About this task: What follows is a set of entries. Repeat them exactly, but not their pictures.

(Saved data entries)
★ ★ ★ ★ ★

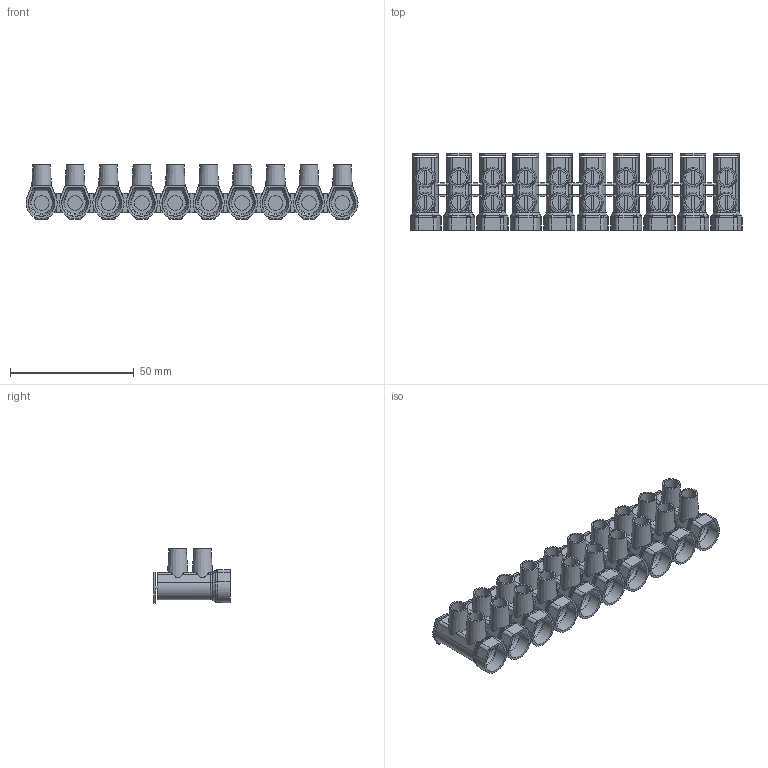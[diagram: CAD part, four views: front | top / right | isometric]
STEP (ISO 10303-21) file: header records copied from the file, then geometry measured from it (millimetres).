
FILE_DESCRIPTION(/* description */ ('Unknown'),/* implementation_level */ '2;1');
FILE_NAME(/* name */ 'MT PRO 16',/* time_stamp */ '2021-10-08T09:49:55+02:00',/* author */ ('Unknown'),/* organization */ ('Unknown'),/* preprocessor_version */ 'ST-DEVELOPER v16.7',/* originating_system */ 'Solid Edge',/* authorisation */ 'Unknown');
FILE_SCHEMA (('AUTOMOTIVE_DESIGN {1 0 10303 214 3 1 1}'));
Length unit declared in the file: millimetre
Products named in the file (1): MT PRO 16
Bounding box: 134.1 x 30.9 x 22.1 mm (x, y, z)
Volume: 23062.1 mm3; surface area: 29611.6 mm2
Topology: 1 solids, 1 shells, 1486 faces, 3970 edges, 2438 vertices
Faces by surface type: plane 746, cylinder 380, bspline 240, cone 40, sphere 40, torus 40
Full cylindrical faces by diameter (mm): 5.8 x20, 6 x10
Entity records: 48770 total; most frequent: CARTESIAN_POINT 13105, ORIENTED_EDGE 7660, DIRECTION 7312, EDGE_CURVE 3830, AXIS2_PLACEMENT_3D 2645, VERTEX_POINT 2388, LINE 2022, VECTOR 2022

★ ★ ★ ★ ★

Task response:
[diagram: CAD part, four views: front | top / right | isometric]
STEP (ISO 10303-21) file: header records copied from the file, then geometry measured from it (millimetres).
FILE_DESCRIPTION(/* description */ ('Unknown'),/* implementation_level */ '2;1');
FILE_NAME(/* name */ 'MT PRO 16',/* time_stamp */ '2021-10-08T09:49:55+02:00',/* author */ ('Unknown'),/* organization */ ('Unknown'),/* preprocessor_version */ 'ST-DEVELOPER v16.7',/* originating_system */ 'Solid Edge',/* authorisation */ 'Unknown');
FILE_SCHEMA (('AUTOMOTIVE_DESIGN {1 0 10303 214 3 1 1}'));
Length unit declared in the file: millimetre
Products named in the file (1): MT PRO 16
Bounding box: 134.1 x 30.9 x 22.1 mm (x, y, z)
Volume: 23062.1 mm3; surface area: 29611.6 mm2
Topology: 1 solids, 1 shells, 1486 faces, 3970 edges, 2438 vertices
Faces by surface type: plane 746, cylinder 380, bspline 240, cone 40, sphere 40, torus 40
Full cylindrical faces by diameter (mm): 5.8 x20, 6 x10
Entity records: 48770 total; most frequent: CARTESIAN_POINT 13105, ORIENTED_EDGE 7660, DIRECTION 7312, EDGE_CURVE 3830, AXIS2_PLACEMENT_3D 2645, VERTEX_POINT 2388, LINE 2022, VECTOR 2022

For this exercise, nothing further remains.